Everyone thinks these things at one time or another. For that, they need to know that there is a loving, caring, merciful Heavenly Father who truly cares about their innermost being and only wants what's best for them. They need to know, as well, that God isn't doing this to them: it's Satan who's causing these things. They need to experience His amazing love and faithfulness and grace. Without Him, their lives are a complete mess, like a disassembled 1,000 piece jigsaw puzzle. But, with God, all the pieces come together. It takes time, but, once they learn how to put the pieces together, the mess is no more, but it's now a beautiful illustration of what God has done for them. Please join us in prayer, as we seek out the best plan to help kids like Miguel. Also, if you feel led to, donate to help start the orphanage. Unfortunately, these things cost money, as everything does, so we need all the financial help we can get. Make sure to clarify that it's meant to go towards the orphanage and not me, and I will make sure that it goes to the correct person for that. With all of your help, I know things will come together.
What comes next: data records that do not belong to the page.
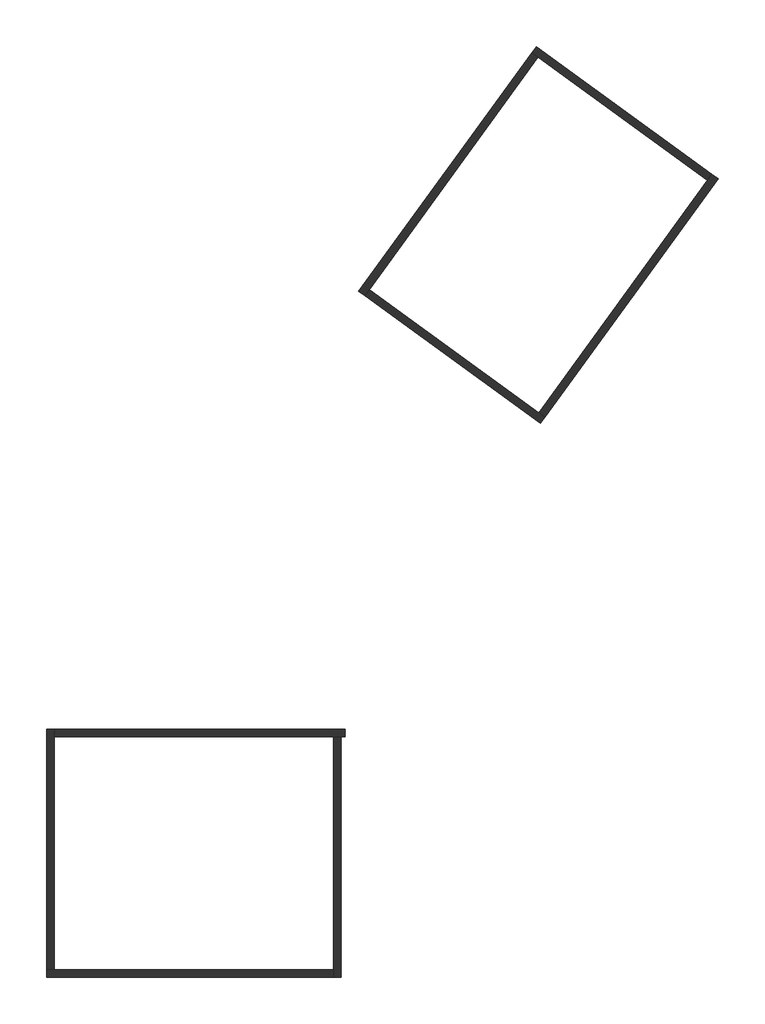
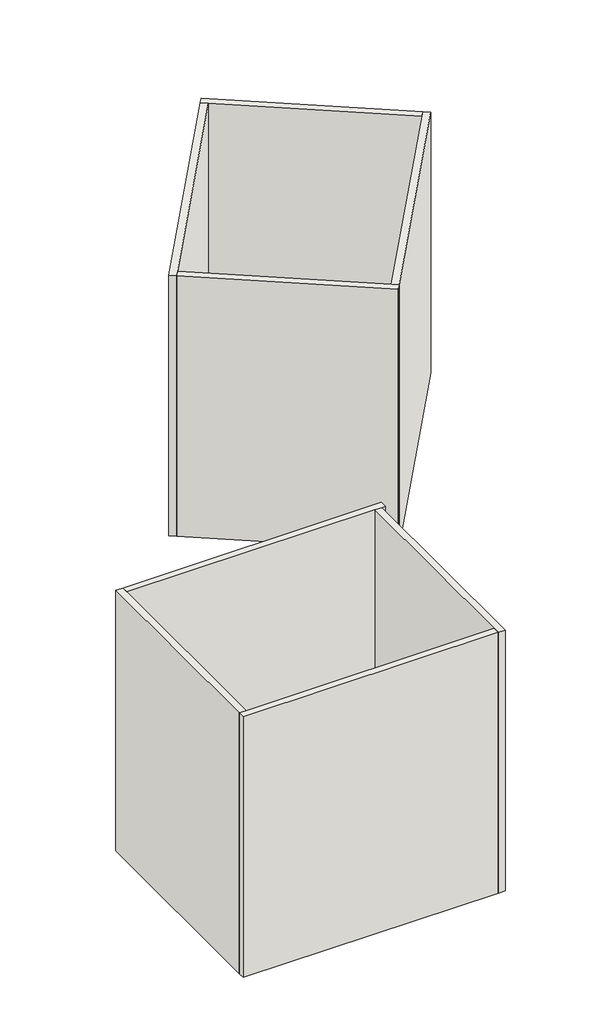
# One storey: 8 walls.
"""IFC4 building model written with IfcOpenShell, lengths in millimetres."""

import ifcopenshell
import ifcopenshell.guid

model = None  # the IFC model being written
_history = None  # IfcOwnerHistory: only IFC2X3 demands one
_inside = {}  # id of a spatial element -> (the spatial element, [elements in it])
_under = {}  # id of a project, library or spatial element -> (it, [spatial elements below it])
_declared = {}  # id of a project -> (the project, [libraries it declares])
_typed = {}  # id of a type object -> (the type object, [elements of that type])
_made_of = {}  # id of a material, layer set ... -> (it, [elements and type objects made of it])


def new_model(schema):
    """Start an empty IFC model of exactly this schema.

    Asked for "IFC4X3", IfcOpenShell would pick the latest addendum, in which some entities
    have other attributes; the version numbers below select the first issue.
    IFC2X3 requires an IfcOwnerHistory on every rooted entity: one is made here for all.
    """
    global model, _history
    if schema == "IFC4X3":
        model = ifcopenshell.file(schema_version=(4, 3, 0, 0))
    else:
        model = ifcopenshell.file(schema=schema)
    _inside.clear()
    _under.clear()
    _declared.clear()
    _typed.clear()
    _made_of.clear()
    _history = None
    if model.schema == "IFC2X3":
        org = make("IfcOrganization", Name="unknown")
        user = make(
            "IfcPersonAndOrganization",
            ThePerson=make("IfcPerson", FamilyName="unknown"),
            TheOrganization=org,
        )
        app = make(
            "IfcApplication",
            ApplicationDeveloper=org,
            Version="unknown",
            ApplicationFullName="unknown",
            ApplicationIdentifier="unknown",
        )
        _history = make(
            "IfcOwnerHistory",
            OwningUser=user,
            OwningApplication=app,
            ChangeAction="ADDED",
            CreationDate=0,
        )
    return model


def make(cls, **values):
    """One entity of the class cls with the attributes given. An attribute that is None is left unset."""
    return model.create_entity(
        cls, **{name: value for name, value in values.items() if value is not None}
    )


def rooted(cls, **values):
    """An entity with a GlobalId (a new one), such as an element, a storey or a relation."""
    return make(cls, GlobalId=ifcopenshell.guid.new(), OwnerHistory=_history, **values)


def si_unit(unit_type, name, prefix=None):
    """IfcSIUnit, for example si_unit("LENGTHUNIT", "METRE", prefix="MILLI")."""
    return make("IfcSIUnit", UnitType=unit_type, Prefix=prefix, Name=name)


def assignment(units):
    """IfcUnitAssignment: the units of a project."""
    return None if units is None else make("IfcUnitAssignment", Units=units)


def point(xyz):
    """IfcCartesianPoint."""
    return None if xyz is None else make("IfcCartesianPoint", Coordinates=xyz)


def direction(xyz):
    """IfcDirection."""
    return None if xyz is None else make("IfcDirection", DirectionRatios=xyz)


def frame(location, z_axis=None, x_axis=None):
    """IfcAxis2Placement3D, a coordinate frame: its origin and axes. An axis left out is left unset."""
    return make(
        "IfcAxis2Placement3D",
        Location=point(location),
        Axis=direction(z_axis),
        RefDirection=direction(x_axis),
    )


def origin():
    """The frame at (0, 0, 0) with its axes left unset."""
    return frame((0.0, 0.0, 0.0))


def place(relative_to, where):
    """IfcLocalPlacement: puts the frame where relative to a parent placement (None: the world)."""
    return make(
        "IfcLocalPlacement", PlacementRelTo=relative_to, RelativePlacement=where
    )


def context(
    kind, dimensions, precision=None, world=None, true_north=None, identifier=None
):
    """IfcGeometricRepresentationContext, for example the 3D "Model" context."""
    return make(
        "IfcGeometricRepresentationContext",
        ContextIdentifier=identifier,
        ContextType=kind,
        CoordinateSpaceDimension=dimensions,
        Precision=precision,
        WorldCoordinateSystem=world,
        TrueNorth=true_north,
    )


def project(units=None, contexts=None):
    """IfcProject with its units and contexts."""
    return rooted(
        "IfcProject",
        Name="project",
        RepresentationContexts=contexts,
        UnitsInContext=assignment(units),
    )


def spatial(cls, under=None, at=None, **own):
    """A site, building, storey or space (cls), placed at a placement, below another one or the project."""
    s = rooted(cls, ObjectPlacement=at, **own)
    if under is not None:
        _under.setdefault(under.id(), (under, []))[1].append(s)
    return s


def faces_of(points, faces, orient=None, outer=None):
    """IfcFace entities. A face is a list of loops; a loop is a list of indices into points, from 0.

    orient and outer hold one flag for each loop. By default every Orientation is true, the
    first loop of a face is its IfcFaceOuterBound and the others are IfcFaceBound.
    """
    made = []
    for i, loops in enumerate(faces):
        bounds = []
        for j, loop in enumerate(loops):
            is_outer = j == 0 if outer is None else outer[i][j]
            bounds.append(
                make(
                    "IfcFaceOuterBound" if is_outer else "IfcFaceBound",
                    Bound=make("IfcPolyLoop", Polygon=[points[k] for k in loop]),
                    Orientation=True if orient is None else orient[i][j],
                )
            )
        made.append(make("IfcFace", Bounds=bounds))
    return made


def faceted_brep(points, faces, orient=None, outer=None, voids=None):
    """IfcFacetedBrep: a solid bounded by flat faces; with voids (closed shells), ...WithVoids."""
    shared = [point(p) for p in points]
    hull = make("IfcClosedShell", CfsFaces=faces_of(shared, faces, orient, outer))
    if voids is None:
        return make("IfcFacetedBrep", Outer=hull)
    return make(
        "IfcFacetedBrepWithVoids",
        Outer=hull,
        Voids=[
            make(cls, CfsFaces=faces_of(shared, fs, o, b)) for cls, fs, o, b in voids
        ],
    )


def shape(context_of_items, identifier, shape_type, items):
    """IfcShapeRepresentation: the items that make up one representation, for example the "Body"."""
    return make(
        "IfcShapeRepresentation",
        ContextOfItems=context_of_items,
        RepresentationIdentifier=identifier,
        RepresentationType=shape_type,
        Items=items,
    )


def made_of(thing, what):
    """Note that an element or type object is made of a material, layer set ...; save() writes the relation."""
    if what is not None:
        _made_of.setdefault(what.id(), (what, []))[1].append(thing)
    return thing


def element(
    cls,
    number,
    at=None,
    inside=None,
    cuts=None,
    type_object=None,
    material=None,
    context=None,
    identifier="Body",
    shape_type=None,
    held_by="IfcProductDefinitionShape",
    body=None,
    shapes=None,
    **own,
):
    """One element of the class cls, such as IfcWall. Its Tag is "e" and its number.

    at: its placement. inside: the storey or other place that contains it. cuts: it is an
    opening in that element (IfcRelVoidsElement). A single representation is given by context,
    identifier, shape_type and body (its items); several are given by shapes. held_by: the class
    of the entity that holds the representations. save() writes the other relations.
    """
    e = rooted(cls, Tag="e%d" % number, ObjectPlacement=at, **own)
    if body is not None:
        shapes = [shape(context, identifier, shape_type, body)]
    if shapes is not None:
        e.Representation = make(held_by, Representations=shapes)
    if inside is not None:
        _inside.setdefault(inside.id(), (inside, []))[1].append(e)
    if cuts is not None:
        rooted(
            "IfcRelVoidsElement", RelatingBuildingElement=cuts, RelatedOpeningElement=e
        )
    if type_object is not None:
        _typed.setdefault(type_object.id(), (type_object, []))[1].append(e)
    return made_of(e, material)


def aggregate(whole, parts):
    """IfcRelAggregates: a whole, such as a stair, and the parts it consists of."""
    return rooted("IfcRelAggregates", RelatingObject=whole, RelatedObjects=parts)


def save(model, path):
    """Write the relations noted so far, then the file.

    IfcRelAggregates (storeys below a building ...), IfcRelContainedInSpatialStructure (elements
    in a storey), IfcRelDefinesByType, IfcRelAssociatesMaterial and IfcRelDeclares: one each for
    every whole, place, type object, material and project.
    """
    for whole, parts in _under.values():
        aggregate(whole, parts)
    for where, things in _inside.values():
        rooted(
            "IfcRelContainedInSpatialStructure",
            RelatedElements=things,
            RelatingStructure=where,
        )
    for kind, things in _typed.values():
        rooted("IfcRelDefinesByType", RelatedObjects=things, RelatingType=kind)
    for what, things in _made_of.values():
        rooted("IfcRelAssociatesMaterial", RelatedObjects=things, RelatingMaterial=what)
    for by, libraries in _declared.values():
        rooted("IfcRelDeclares", RelatingContext=by, RelatedDefinitions=libraries)
    model.write(path)


model = new_model("IFC4")

# Units and contexts
model_context = context("Model", 3, world=origin())
ifc_project = project(units=[si_unit("LENGTHUNIT", "METRE", prefix="MILLI")], contexts=[model_context])

# Site, building, storey
site = spatial("IfcSite", under=ifc_project)
building = spatial("IfcBuilding", under=site)
storey = spatial("IfcBuildingStorey", under=building, Name="Уровень 1", Elevation=0.0)

# Walls
placement = place(None, origin())
element("IfcWall", 1, ObjectType="Типовой - 200мм", at=placement, inside=storey, context=model_context, shape_type="Brep", body=[
    faceted_brep([(-4179.0520783, 10365.6524318, 0.0), (-4061.4950278, 10527.4558307, 0.0), (288.1158391, 16514.1815891, 0.0), (288.1158391, 16514.1815891, 8000.0), (-4061.4950278, 10527.4558307, 8000.0), (-4179.0520783, 10365.6524318, 8000.0), (-4340.8554772, 10483.2094823, 0.0), (-4340.8554772, 10483.2094823, 8000.0), (126.3124403, 16631.7386395, 8000.0), (126.3124403, 16631.7386395, 0.0)], [[[0, 1, 2, 3, 4, 5]], [[6, 7, 8, 9]], [[2, 1, 0, 6, 9]], [[5, 4, 3, 8, 7]], [[0, 5, 7, 6]], [[3, 2, 9, 8]]]),
])
element("IfcWall", 2, ObjectType="Типовой - 200мм", at=placement, inside=storey, context=model_context, shape_type="Brep", body=[
    faceted_brep([(469.0001407, 7235.8584179, 0.0), (307.1967418, 7353.4154683, 0.0), (-4061.4950278, 10527.4558307, 0.0), (-4061.4950278, 10527.4558307, 8000.0), (307.1967418, 7353.4154683, 8000.0), (469.0001407, 7235.8584179, 8000.0), (351.4430902, 7074.055019, 0.0), (351.4430902, 7074.055019, 8000.0), (-4179.0520783, 10365.6524318, 8000.0), (-4179.0520783, 10365.6524318, 0.0)], [[[0, 1, 2, 3, 4, 5]], [[6, 7, 8, 9]], [[2, 1, 0, 6, 9]], [[5, 4, 3, 8, 7]], [[0, 5, 7, 6]], [[3, 2, 9, 8]]]),
])
element("IfcWall", 3, ObjectType="Типовой - 200мм", at=placement, inside=storey, context=model_context, shape_type="Brep", body=[
    faceted_brep([(4774.3646592, 13501.9446256, 0.0), (4656.8076088, 13340.1412267, 0.0), (307.1967418, 7353.4154683, 0.0), (307.1967418, 7353.4154683, 8000.0), (4656.8076088, 13340.1412267, 8000.0), (4774.3646592, 13501.9446256, 8000.0), (4936.1680581, 13384.3875751, 0.0), (4936.1680581, 13384.3875751, 8000.0), (469.0001407, 7235.8584179, 8000.0), (469.0001407, 7235.8584179, 0.0)], [[[0, 1, 2, 3, 4, 5]], [[6, 7, 8, 9]], [[2, 1, 0, 6, 9]], [[5, 4, 3, 8, 7]], [[0, 5, 7, 6]], [[3, 2, 9, 8]]]),
])
element("IfcWall", 4, ObjectType="Типовой - 200мм", at=placement, inside=storey, context=model_context, shape_type="Brep", body=[
    faceted_brep([(126.3124403, 16631.7386395, 0.0), (288.1158391, 16514.1815891, 0.0), (4656.8076088, 13340.1412267, 0.0), (4656.8076088, 13340.1412267, 8000.0), (288.1158391, 16514.1815891, 8000.0), (126.3124403, 16631.7386395, 8000.0), (243.8694907, 16793.5420384, 0.0), (243.8694907, 16793.5420384, 8000.0), (4774.3646592, 13501.9446256, 8000.0), (4774.3646592, 13501.9446256, 0.0)], [[[0, 1, 2, 3, 4, 5]], [[6, 7, 8, 9]], [[2, 1, 0, 6, 9]], [[5, 4, 3, 8, 7]], [[0, 5, 7, 6]], [[3, 2, 9, 8]]]),
])
element("IfcWall", 5, ObjectType="Типовой - 200мм", at=placement, inside=storey, context=model_context, shape_type="Brep", body=[
    faceted_brep([(-4696.1840877, -809.2967894, 0.0), (-12196.1840877, -809.2967894, 0.0), (-12196.1840877, -809.2967894, 8000.0), (-4696.1840877, -809.2967894, 8000.0), (-4696.1840877, -1009.2967894, 0.0), (-4696.1840877, -1009.2967894, 8000.0), (-4796.1840877, -1009.2967894, 8000.0), (-4996.1840877, -1009.2967894, 8000.0), (-12196.1840877, -1009.2967894, 8000.0), (-12196.1840877, -1009.2967894, 0.0), (-4996.1840877, -1009.2967894, 0.0), (-4796.1840877, -1009.2967894, 0.0)], [[[0, 1, 2, 3]], [[4, 5, 6, 7, 8, 9, 10, 11]], [[1, 0, 4, 11, 10, 9]], [[3, 2, 8, 7, 6, 5]], [[0, 3, 5, 4]], [[2, 1, 9, 8]]]),
])
element("IfcWall", 6, ObjectType="Типовой - 200мм", at=placement, inside=storey, context=model_context, shape_type="Brep", body=[
    faceted_brep([(-4796.1840877, -7209.2967894, 0.0), (-4796.1840877, -1009.2967894, 0.0), (-4796.1840877, -1009.2967894, 8000.0), (-4796.1840877, -7209.2967894, 8000.0), (-4996.1840877, -7209.2967894, 0.0), (-4996.1840877, -7209.2967894, 8000.0), (-4996.1840877, -7009.2967894, 8000.0), (-4996.1840877, -1009.2967894, 8000.0), (-4996.1840877, -1009.2967894, 0.0), (-4996.1840877, -7009.2967894, 0.0)], [[[0, 1, 2, 3]], [[4, 5, 6, 7, 8, 9]], [[1, 0, 4, 9, 8]], [[3, 2, 7, 6, 5]], [[0, 3, 5, 4]], [[2, 1, 8, 7]]]),
])
element("IfcWall", 7, ObjectType="Типовой - 200мм", at=placement, inside=storey, context=model_context, shape_type="Brep", body=[
    faceted_brep([(-12396.1840877, -7209.2967894, 0.0), (-4996.1840877, -7209.2967894, 0.0), (-4996.1840877, -7209.2967894, 8000.0), (-12396.1840877, -7209.2967894, 8000.0), (-12396.1840877, -7009.2967894, 0.0), (-12396.1840877, -7009.2967894, 8000.0), (-12196.1840877, -7009.2967894, 8000.0), (-4996.1840877, -7009.2967894, 8000.0), (-4996.1840877, -7009.2967894, 0.0), (-12196.1840877, -7009.2967894, 0.0)], [[[0, 1, 2, 3]], [[4, 5, 6, 7, 8, 9]], [[1, 0, 4, 9, 8]], [[3, 2, 7, 6, 5]], [[0, 3, 5, 4]], [[2, 1, 8, 7]]]),
])
element("IfcWall", 8, ObjectType="Типовой - 200мм", at=placement, inside=storey, context=model_context, shape_type="Brep", body=[
    faceted_brep([(-12396.1840877, -809.2967894, 0.0), (-12396.1840877, -7009.2967894, 0.0), (-12396.1840877, -7009.2967894, 8000.0), (-12396.1840877, -809.2967894, 8000.0), (-12196.1840877, -809.2967894, 0.0), (-12196.1840877, -809.2967894, 8000.0), (-12196.1840877, -1009.2967894, 8000.0), (-12196.1840877, -7009.2967894, 8000.0), (-12196.1840877, -7009.2967894, 0.0), (-12196.1840877, -1009.2967894, 0.0)], [[[0, 1, 2, 3]], [[4, 5, 6, 7, 8, 9]], [[1, 0, 4, 9, 8]], [[3, 2, 7, 6, 5]], [[0, 3, 5, 4]], [[2, 1, 8, 7]]]),
])

save(model, "model.ifc")

# Revit data of these elements
# Project information
#   Дата утверждения проекта = "Дата выпуска"
#   Статус проекта = "Статус проекта"
#   Заказчик = "Владелец"
#   Адрес проекта = "Укажите адрес"
#   Наименование проекта = "Наименование проекта"
#   Номер проекта = "0001"
# Type "Типовой - 200мм"
#   Type Mark = "марка 1"
#   Layers, outside or top first: 200 mm no material (function 1)
# Elements 1, 2, 3, 4, 5, 6, 7, 8 (IfcWall, "Типовой - 200мм")
#   Top Offset = 0 mm
#   Base Offset = 0 mm
#   Unconnected Height = 8000 mm
#   wall height = 8000 mm
#   Phase Created = Стадия 1
#   Base Constraint = Уровень 1
#   Materials on its faces: "Стена по умолчанию"
# Materials
#   "Стена по умолчанию": class "Разное", colour RGB 128 128 128, transparency 0, Cost = 0

Saturday, February 9, 2013

God's Got Bigger Plans

I've been back in Mexico for two weeks, and, man, has it been awesome. So much has happened in just these two weeks that if I were to type it all, no one would read it all, so I'm going to spare all the fine details.

None of the kids knew when I was coming back, so when I showed up, they were ecstatic. Well, most of them. Carlos, of course, was the most happy of them all. I got his reaction on video, which I'll be posting on my Facebook soon, and possibly on YouTube.

Me and Carlos wearing our Mexico soccer jerseys.
Trust me, he's happier than he looks.
The second day being back, I went over with pastor Elvis about everything I'll be doing, and I was really surprised at what he told me. I thought that I would just be helping out a lot more with the kids programs and stuff like that. Nope. I'm the kids' pastor. PASTOR. Never thought I'd be called that. Also, he wants me to be involved a lot more with the worship team. Before, I was just playing my acoustic and singing whenever they wanted me to. Now, Pastor Elvis wants me to start leading things with the worship team. Leading. Being the front man. Again, something else I've never considered myself. Although I haven't considered myself these things, I know I can do them. I have the ability to. I just need the courage, haha.

Ever since I've talked to Pastor Elvis, so many things have been running through my head: more ideas for the kids' program, another kids' service, starting a soccer team with the kids. I know that I need to take things one step at a time, but, now, I'm really excited to be pretty much in charge of the kids' program. I've been renovating things in the Saturday kids' program, such as adding Juegos Locos, which is pretty much like the games I did when I was at the Dallas Metro Dream Center, and adding the quiet seat prize, which will hopefully help keep the kids quiet during the lesson time. Hopefully. For example, if one of the teachers sees one of the kids being really quiet and paying really good attention, they'll get a ticket, and once they have enough tickets, they can get a prize. I think that's how it's going to work. I'm going to introduce it to them tomorrow, so, hopefully, it'll go over well. Also, Two days out of the week opened up, so, once I'm able to in the future, I'll do another kids' program in the evening on Wednesday and have soccer practice on Mondays. That'll give the kids things to do during the week so that they'll stay out of trouble and get more of Jesus, and more of Jesus is always a good thing.

We've also had two kids' programs so far. There were twenty-five kids at the first one and twenty-six at the second one. I was told that once I left, there were only ten kids that would come to the program. Now, it's doubled. Gloria a Dios. And I'm not going to stop there, either, haha. With the new things I've added to the program, I'm sure more kids will come, and that means more kids will receive Jesus. The best.